Fast forward, in 2030 the electric car has taken off. Anne has the same options to go to work. The air is cleaner. She doesn’t know whether greenhouse gas emissions have gone down or up: electricity and hydrogen appear to be grey rather than green because renewable energy has not grown as fast as consumption (thanks to the Jevons paradox). John often gets stuck in traffic for 40 minutes. They often walk for twenty minutes from where they parked to home. Ah, right, you can get to Madrid by train in fewer hours now [thanks to the high-speed railway currently under construction]. Perhaps for the holidays. The nearest train station is still 30 minutes away.

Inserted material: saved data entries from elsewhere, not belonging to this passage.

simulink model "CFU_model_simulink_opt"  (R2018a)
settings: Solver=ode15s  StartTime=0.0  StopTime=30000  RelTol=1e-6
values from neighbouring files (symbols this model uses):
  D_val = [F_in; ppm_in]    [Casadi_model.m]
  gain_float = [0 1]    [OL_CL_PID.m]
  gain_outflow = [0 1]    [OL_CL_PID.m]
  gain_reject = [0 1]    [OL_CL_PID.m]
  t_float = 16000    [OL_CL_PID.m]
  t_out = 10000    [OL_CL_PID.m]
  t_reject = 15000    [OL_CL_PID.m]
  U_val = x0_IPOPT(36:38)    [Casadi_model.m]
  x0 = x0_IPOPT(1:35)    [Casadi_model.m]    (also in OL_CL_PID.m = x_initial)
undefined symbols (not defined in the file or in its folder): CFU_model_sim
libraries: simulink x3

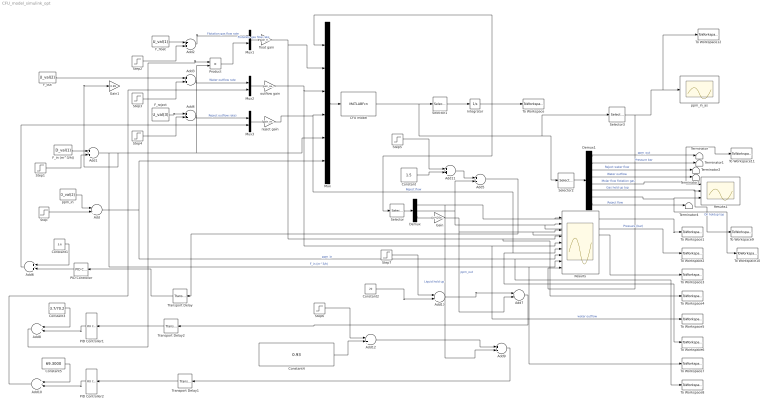
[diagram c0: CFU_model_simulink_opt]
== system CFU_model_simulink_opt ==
  Add{,1..4,6,8,10..13} (11 alike) : Sum
  Add5 : Sum  Inputs=+-
  Add7 : Sum  Inputs=+-
  Add9 : Sum  Inputs=+-
  CFU model : MATLABFcn  MATLABFcn=CFU_model_sim(u(1:35),u(36:38),u(39:40))
  Constant : Constant  Value=1.5
  Constant1 : Constant  Value=5.6
  Constant2 : Constant  Value=20
  Constant3 : Constant  Value=3.7/70.2
  Constant4 : Constant  Value=0.93
  Constant5 : Constant  Value=69.3000
  Demux : Demux  Outputs=3
  Demux1 : Demux  Outputs=8
  F_float : Constant  Value=U_val(1)
  F_in (m^3/h)) : Constant  Value=D_val(1)
  F_out : Constant  Value=U_val(2)
  F_reject : Constant  Value=U_val(3)
  Gain : Gain  Gain=pi*(25e-6)^3/6 * 1e10*1e6
  Gain1 : Gain  Commented=on  Gain=0.99
  Integrator : Integrator  InitialCondition=x0
  Mux : Mux  Inputs=6
  Mux1 : Mux  Inputs=2
  Mux2 : Mux  Inputs=2
  Mux3 : Mux  Inputs=2
  PID Controller : simulink/Continuous/PID Controller  Controller=PI  TimeDomain=Continuous-time  SampleTime=-1  IntegratorMethod=Forward Euler  FilterMethod=Forward Euler  Form=Ideal  UseFilter=on  ControllerParametersSource=internal  P=-55.75  I=1/200  D=0  N=100  InitialConditionSource=internal  InitialConditionForIntegrator=0  InitialConditionForFilter=0  ExternalReset=none  LimitOutput=off  UpperSaturationLimit=inf  LowerSaturationLimit=0  LinearizeAsGain=on  AntiWindupMode=clamping  Kb=1  TrackingMode=off  Kt=1  PParamMin=[]  PParamMax=[]  IParamMin=[]  IParamMax=[]  DParamMin=[]  DParamMax=[]  NParamMin=[]  NParamMax=[]  KbParamMin=[]  KbParamMax=[]  KtParamMin=[]  KtParamMax=[]  POutMin=[]  POutMax=[]  IOutMin=[]  IOutMax=[]  DOutMin=[]  DOutMax=[]  NOutMin=[]  NOutMax=[]  KbOutMin=[]  KbOutMax=[]  KtOutMin=[]  KtOutMax=[]  IntegratorOutMin=[]  IntegratorOutMax=[]  FilterOutMin=[]  FilterOutMax=[]  SumOutMin=[]  SumOutMax=[]  SumI1OutMin=[]  SumI1OutMax=[]  SumI2OutMin=[]  SumI2OutMax=[]  SumI3OutMin=[]  SumI3OutMax=[]  SumDOutMin=[]  SumDOutMax=[]  SaturationOutMin=[]  SaturationOutMax=[]  IntegratorContinuousStateAttributes=''  IntegratorStateMustResolveToSignalObject=off  IntegratorRTWStateStorageClass=Auto  FilterContinuousStateAttributes=''  FilterStateMustResolveToSignalObject=off  FilterRTWStateStorageClass=Auto  DifferentiatorICPrevScaledInput=0  DifferentiatorOutMin=[]  DifferentiatorOutMax=[]  InitialConditionSetting=State (most efficient)  FilterDiffOutCoefMin=[]  FilterDiffOutCoefMax=[]  SumDenOutMin=[]  SumDenOutMax=[]  SumNumOutMin=[]  SumNumOutMax=[]  ReciprocalOutMin=[]  ReciprocalOutMax=[]  DivideOutMin=[]  DivideOutMax=[]  TunerSelectOption=Transfer Function Based (PID Tuner App)
  PID Controller1 : simulink/Continuous/PID Controller  Controller=PI  TimeDomain=Continuous-time  SampleTime=-1  IntegratorMethod=Forward Euler  FilterMethod=Forward Euler  Form=Ideal  UseFilter=on  ControllerParametersSource=internal  P=-0.25/70.2  I=1/316  D=0  N=100  InitialConditionSource=internal  InitialConditionForIntegrator=0  InitialConditionForFilter=0  ExternalReset=none  LimitOutput=off  UpperSaturationLimit=inf  LowerSaturationLimit=-inf  LinearizeAsGain=on  AntiWindupMode=none  Kb=1  TrackingMode=off  Kt=1  PParamMin=[]  PParamMax=[]  IParamMin=[]  IParamMax=[]  DParamMin=[]  DParamMax=[]  NParamMin=[]  NParamMax=[]  KbParamMin=[]  KbParamMax=[]  KtParamMin=[]  KtParamMax=[]  POutMin=[]  POutMax=[]  IOutMin=[]  IOutMax=[]  DOutMin=[]  DOutMax=[]  NOutMin=[]  NOutMax=[]  KbOutMin=[]  KbOutMax=[]  KtOutMin=[]  KtOutMax=[]  IntegratorOutMin=[]  IntegratorOutMax=[]  FilterOutMin=[]  FilterOutMax=[]  SumOutMin=[]  SumOutMax=[]  SumI1OutMin=[]  SumI1OutMax=[]  SumI2OutMin=[]  SumI2OutMax=[]  SumI3OutMin=[]  SumI3OutMax=[]  SumDOutMin=[]  SumDOutMax=[]  SaturationOutMin=[]  SaturationOutMax=[]  IntegratorContinuousStateAttributes=''  IntegratorStateMustResolveToSignalObject=off  IntegratorRTWStateStorageClass=Auto  FilterContinuousStateAttributes=''  FilterStateMustResolveToSignalObject=off  FilterRTWStateStorageClass=Auto  DifferentiatorICPrevScaledInput=0  DifferentiatorOutMin=[]  DifferentiatorOutMax=[]  InitialConditionSetting=State (most efficient)  FilterDiffOutCoefMin=[]  FilterDiffOutCoefMax=[]  SumDenOutMin=[]  SumDenOutMax=[]  SumNumOutMin=[]  SumNumOutMax=[]  ReciprocalOutMin=[]  ReciprocalOutMax=[]  DivideOutMin=[]  DivideOutMax=[]  TunerSelectOption=Transfer Function Based (PID Tuner App)
  PID Controller2 : simulink/Continuous/PID Controller  Controller=PI  TimeDomain=Continuous-time  SampleTime=-1  IntegratorMethod=Forward Euler  FilterMethod=Forward Euler  Form=Ideal  UseFilter=on  ControllerParametersSource=internal  P=-318.19  I=1/204  D=0  N=100  InitialConditionSource=internal  InitialConditionForIntegrator=0  InitialConditionForFilter=0  ExternalReset=none  LimitOutput=off  UpperSaturationLimit=inf  LowerSaturationLimit=-inf  LinearizeAsGain=on  AntiWindupMode=none  Kb=1  TrackingMode=off  Kt=1  PParamMin=[]  PParamMax=[]  IParamMin=[]  IParamMax=[]  DParamMin=[]  DParamMax=[]  NParamMin=[]  NParamMax=[]  KbParamMin=[]  KbParamMax=[]  KtParamMin=[]  KtParamMax=[]  POutMin=[]  POutMax=[]  IOutMin=[]  IOutMax=[]  DOutMin=[]  DOutMax=[]  NOutMin=[]  NOutMax=[]  KbOutMin=[]  KbOutMax=[]  KtOutMin=[]  KtOutMax=[]  IntegratorOutMin=[]  IntegratorOutMax=[]  FilterOutMin=[]  FilterOutMax=[]  SumOutMin=[]  SumOutMax=[]  SumI1OutMin=[]  SumI1OutMax=[]  SumI2OutMin=[]  SumI2OutMax=[]  SumI3OutMin=[]  SumI3OutMax=[]  SumDOutMin=[]  SumDOutMax=[]  SaturationOutMin=[]  SaturationOutMax=[]  IntegratorContinuousStateAttributes=''  IntegratorStateMustResolveToSignalObject=off  IntegratorRTWStateStorageClass=Auto  FilterContinuousStateAttributes=''  FilterStateMustResolveToSignalObject=off  FilterRTWStateStorageClass=Auto  DifferentiatorICPrevScaledInput=0  DifferentiatorOutMin=[]  DifferentiatorOutMax=[]  InitialConditionSetting=State (most efficient)  FilterDiffOutCoefMin=[]  FilterDiffOutCoefMax=[]  SumDenOutMin=[]  SumDenOutMax=[]  SumNumOutMin=[]  SumNumOutMax=[]  ReciprocalOutMin=[]  ReciprocalOutMax=[]  DivideOutMin=[]  DivideOutMax=[]  TunerSelectOption=Transfer Function Based (PID Tuner App)
  Product : Product
  Results : Scope  NumInputPorts=9
  Results1 : Scope  NumInputPorts=3
  Selector : Selector  InputPortWidth=35  IndexOptions=Index vector (dialog)  Indices=[31 32 33]  OutputSizes=1
  Selector1 : Selector  InputPortWidth=44  IndexOptions=Index vector (dialog)  Indices=[1:35]  OutputSizes=1
  Selector2 : Selector  InputPortWidth=44  IndexOptions=Index vector (dialog)  Indices=[37:44]  OutputSizes=1
  Selector3 : Selector  InputPortWidth=44  IndexOptions=Index vector (dialog)  Indices=[36]  OutputSizes=1
  Step : Step  Time=25000  After=20  SampleTime=0
  Step1 : Step  Time=20000  After=10  SampleTime=0
  Step2 : Step  Time=t_float  After=0.1  SampleTime=0
  Step3 : Step  Time=t_out  After=0.9  SampleTime=0
  Step4 : Step  Time=t_reject  After=0.1  SampleTime=0
  Step5 : Step  Time=5000  After=-0.03  SampleTime=0
  Step6 : Step  Time=10000  After=-0.03  SampleTime=0
  Step7 : Step  Time=15000  After=5  SampleTime=0
  Terminator{,1..4} (5 alike) : Terminator
  To Workspace : ToWorkspace  VariableName=x_simulink  SampleTime=-1
  To Workspace1 : ToWorkspace  VariableName=liq_hold_up  SampleTime=-1
  To Workspace10 : ToWorkspace  VariableName=oil_hold_up  SampleTime=-1
  To Workspace11 : ToWorkspace  VariableName=mass_flow_flotation  SampleTime=-1
  To Workspace12 : ToWorkspace  VariableName=ppm_in_as  SampleTime=-1
  To Workspace2 : ToWorkspace  VariableName=Pressure  SampleTime=-1
  To Workspace3 : ToWorkspace  VariableName=ppm_out  SampleTime=-1
  To Workspace4 : ToWorkspace  VariableName=F_flotation  SampleTime=-1
  To Workspace5 : ToWorkspace  VariableName=F_out  SampleTime=-1
  To Workspace6 : ToWorkspace  VariableName=F_reject  SampleTime=-1
  To Workspace7 : ToWorkspace  VariableName=F_in  SampleTime=-1
  To Workspace8 : ToWorkspace  VariableName=ppm_in  SampleTime=-1
  To Workspace9 : ToWorkspace  VariableName=gas_hold_up  SampleTime=-1
  Transport Delay : TransportDelay
  Transport Delay1 : TransportDelay  DelayTime=2
  Transport Delay2 : TransportDelay  DelayTime=30
  float gain : Gain  Gain=gain_float  Multiplication=Matrix(K*u)
  outflow gain : Gain  Gain=gain_outflow  Multiplication=Matrix(K*u)
  ppm_in : Constant  Value=D_val(2)
  ppm_in_as : Scope
  reject gain : Gain  Gain=gain_reject  Multiplication=Matrix(K*u)
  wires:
  ppm_in/1 -> Add/1
  Step/1 -> Add/2
  F_in (m^3/h))/1 -> Add1/1
  Step1/1 -> Add1/2
  F_float/1 -> Add2/1
  Step2/1 -> Add2/2
  Step3/1 -> Add3/2
  F_reject/1 -> Add4/1
  Step4/1 -> Add4/2
  Add/1 -> Results/7, To Workspace8/1, Mux/6  "ppm_in"
  Add1/1 -> Results/8, To Workspace7/1, Gain1/1, Product/2, Mux/5  "F_in (m^3/h)"
  outflow gain/1 -> Results/5, To Workspace5/1, Mux/3  "water outflow"
  Add4/1 -> Mux3/1  "Reject outflow rate)"
  Mux/1 -> CFU model/1
  CFU model/1 -> Selector3/1, Selector2/1, Selector1/1
  Selector1/1 -> Integrator/1
  Integrator/1 -> To Workspace/1, Selector/1, Mux/1
  Selector/1 -> Demux/1
  Demux/3 -> Gain/1
  Demux/2 -> Add5/2, Results/2, To Workspace2/1  "Pressure (bar)"
  Demux/1 -> Add9/2, To Workspace1/1, Results/1  "Liquid hold up"
  Add2/1 -> Mux1/1  "Flotation gas flow rate"
  Gain/1 -> Results/3, To Workspace3/1, Add7/2  "ppm_out"
  F_out/1 -> Add3/1
  Constant/1 -> Add11/2
  Add5/1 -> Transport Delay/1
  PID Controller/1 -> Add6/2
  Constant1/1 -> Add6/1
  Add6/1 -> Mux3/2
  reject gain/1 -> To Workspace6/1, Results/6, Mux/4  "Reject flow"
  Constant2/1 -> Add13/2
  Add7/1 -> Transport Delay2/1
  Constant3/1 -> Add8/1
  PID Controller1/1 -> Add8/2
  Mux1/1 -> float gain/1  "Flotation gas flow rate"
  Add8/1 -> Product/1
  Selector2/1 -> Demux1/1
  Demux1/1 -> Terminator/1  "ppm_out"
  Demux1/2 -> Terminator1/1  "Pressure bar"
  Demux1/3 -> Terminator2/1  "Reject water flow"
  Demux1/4 -> Terminator3/1  "Water outflow"
  Demux1/5 -> To Workspace11/1, Results1/1  "Molar flow flotation gas"
  Demux1/6 -> To Workspace9/1, Results1/2  "Gas hold up top"
  Demux1/7 -> To Workspace10/1, Results1/3  "Oil holdup top"
  Demux1/8 -> Terminator4/1  "Reject flow"
  Add12/1 -> Add9/1
  Add9/1 -> Transport Delay1/1
  Add10/1 -> Mux2/2
  PID Controller2/1 -> Add10/2
  Constant5/1 -> Add10/1
  Add3/1 -> Mux2/1  "Water outflow rate"
  Add11/1 -> Add5/1
  Step5/1 -> Add11/1
  float gain/1 -> Results/4, To Workspace4/1, Mux/2
  Mux2/1 -> outflow gain/1
  Mux3/1 -> reject gain/1
  Step6/1 -> Add12/1
  Constant4/1 -> Add12/2
  Step7/1 -> Add13/1
  Add13/1 -> Add7/1
  Transport Delay/1 -> PID Controller/1
  Transport Delay1/1 -> PID Controller2/1
  Transport Delay2/1 -> PID Controller1/1
  Product/1 -> Mux1/2
  Selector3/1 -> Results/9, To Workspace12/1, ppm_in_as/1
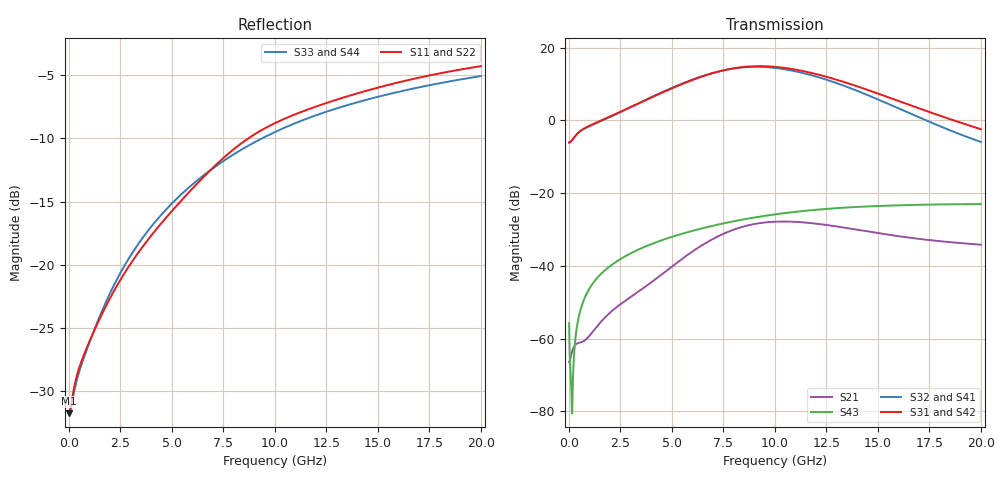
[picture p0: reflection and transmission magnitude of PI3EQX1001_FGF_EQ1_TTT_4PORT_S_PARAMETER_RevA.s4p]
! NPort=4 DATA=2000 NOISE=0 GROUPDELAY=0 COMPLEX_DATAFORMAT=POLAR
! NumOfBlock=1 NumOfParam=0
! .MODEL Smodel S TSTONEFILE=PI3EQX1001_FGF_EQ1_TTT_4PORT_S_PARAMETER_RevA.s4p TYPE=S
!  -- The above .MODEL line can be used for the S element in the netlist.
! The s parameter is extracted from the linear redriver, it is not bi-directional; only s(4,1)s(4,2) and s(3,1)s(3,2)
! should be the insertion loss
!Port definition:
!Port1 = input+
!Port2 = input¨C
!Port3 = output+
!Port4 = output-
# Hz S MA R  50
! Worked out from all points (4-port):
!   2000 points, 10 MHz to 20 GHz, reference 50 ohm
!   strongest paths, dB at 10 MHz, 5.01 GHz, 10.01 GHz, 15.01 GHz, 20 GHz:
!     S31: -6.1, 8.8, 14.7, 7.3, -2.4
!     S42: -6.1, 8.8, 14.7, 7.3, -2.5
!     S32: -6.1, 8.9, 14.4, 5.7, -5.9
!     S41: -6.1, 8.9, 14.4, 5.7, -6.0
!     S43: -55.8, -32.0, -25.9, -23.6, -23.0
!     S21: -66.4, -40.2, -27.9, -31.0, -34.2
!   lowest |S11| = -31.7 dB at 10 MHz (marker M1), VSWR 1.05, Z = 47.5 - j0.063 ohm
!   |S11| at or under -10 dB: start of sweep to 8.706 GHz
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1e7  0.02591 -178.5  0.0004922 2.7  3.669e-05 -0.2  4.787e-05 -0.1
     0.0004763 2.9  0.02597 -178.7  4.577e-05 -0.2  5.994e-05 -0.1
     0.4961 0.3  0.4961 -179.7  0.02616 178.4  0.001615 -59.2
     0.4958 -179.7  0.4959 0.3  0.001626 -58.9  0.02612 178.4
6.14e9  0.2061 -104.5  0.01608 100.6  2.314e-05 -30.7  3.302e-05 -29.1
        0.01675 99.0  0.2046 -104.5  3.027e-05 -26.5  4.198e-05 -24.4
        3.715 -48.6  3.755 134.4  0.2128 -111.1  0.03102 61.3
        3.742 134.4  3.711 -48.5  0.03101 61.2  0.2126 -111.1
8.26e9  0.2978 -107.1  0.03216 66.3  2.041e-05 -28.4  3.152e-05 -31.0
        0.03326 65.0  0.296 -107.1  2.938e-05 -25.8  3.931e-05 -24.6
        5.322 -109.0  5.279 74.2  0.2819 -113.4  0.04244 48.8
        5.253 74.2  5.32 -108.9  0.04233 48.6  0.2817 -113.4
1.028e10  0.3724 -112.9  0.03936 28.2  2.179e-05 -23.5  3.27e-05 -38.4
          0.04063 27.0  0.3697 -113.0  3.101e-05 -32.2  4.016e-05 -24.5
          5.338 -172.4  5.134 11.2  0.3433 -116.6  0.05239 35.5
          5.104 11.3  5.338 -172.3  0.05217 35.5  0.3431 -116.6
1.286e10  0.4463 -118.7  0.03416 -7.3  2.786e-05 -36.7  3.08e-05 -58.5
          0.03524 -8.4  0.4426 -118.7  2.915e-05 -50.7  4.503e-05 -34.4
          3.713 115.0  3.35 -60.4  0.4123 -120.9  0.06179 18.3
          3.328 -60.1  3.713 115.1  0.06163 18.4  0.4122 -120.9
1.547e10  0.5138 -123.4  0.026 -25.8  2.763e-05 -68.0  2.32e-05 -86.5
          0.02688 -26.8  0.5095 -123.4  2.126e-05 -75.4  4.225e-05 -55.9
          2.091 56.5  1.699 -116.2  0.4721 -125.0  0.0672 2.1
          1.687 -115.8  2.09 56.6  0.06715 2.2  0.4717 -124.9
2e10  0.6104 -131.1  0.01887 -36.9  1.343e-05 -152.0  1.1e-05 151.9
      0.01951 -38.5  0.605 -131.2  7.072e-06 135.5  1.613e-05 -94.9
      0.7551 -15.7  0.5047 -172.2  0.5577 -131.1  0.07053 -23.3
      0.5021 -171.3  0.754 -15.6  0.07051 -23.4  0.5576 -131.1

The official proposal to allocate [European Next Generation EU and other administrations’] funds for economic reconstruction in the Basque Autonomous Community is open for discussion since December (its clarity is appreciated, as there is not so much detail in the plans for other regions). According to this interim document, 18% of the funds would go to “sustainable mobility”, the second strategic area moneywise. Of this, 60% would go to projects that primarily promote batteries and the automotive industry (in this percentage I exclude bus electrification): this is one tenth of the 13 billion euros. Of that number, half the amount goes to a single project. Making batteries locally — and if this single enormous bet was successful — could boost the regional industry and its GDP (a poor indicator of development, but that’s another matter). As a result, tax collection could increase, in order to help secure public goods and help pay off the debt generated by the recovery funds.

[But] sustainable mobility is much more than changing the fuel. In just two points: it’s a strategy that reduces transportation needs and then, improves mobility. How? Following “15-minute city” criteria, wise planning of freight transport, restoring the functionality of bicycles, ensuring the provision of public transport and reliable information (Who hasn’t felt abandoned, wondering when or whether the bus would arrive, despite the presence of digital screens at bus stops?). Also, systematically analysing daily trips to workplaces and industrial estates and the special needs of rural inhabitants, and providing solutions — whether it’s smart mobility doesn’t matter, but it has to be effective. Cars need not disappear, but their need should be reduced.

Much work has been done in recent years, such as interoperability in public transport modes and numerous local initiatives. Moving the weight of the funds under the sustainable mobility rubric to these initiatives would truly boost well-being. Given the bill for the funds will be paid by the Next Generation, we owe it to them.

Our protagonists have long forgotten car queues, dirty air, having to find parking, the maintenance of two cars … They go to work in collective transport without spending too much time, reading the newspaper, contemplating the Spring, talking to colleagues in a shared car. Or quietly cycling, because the few circulating vehicles drive respectfully. They’ve added many minutes of quality to everyday life, not just a battery.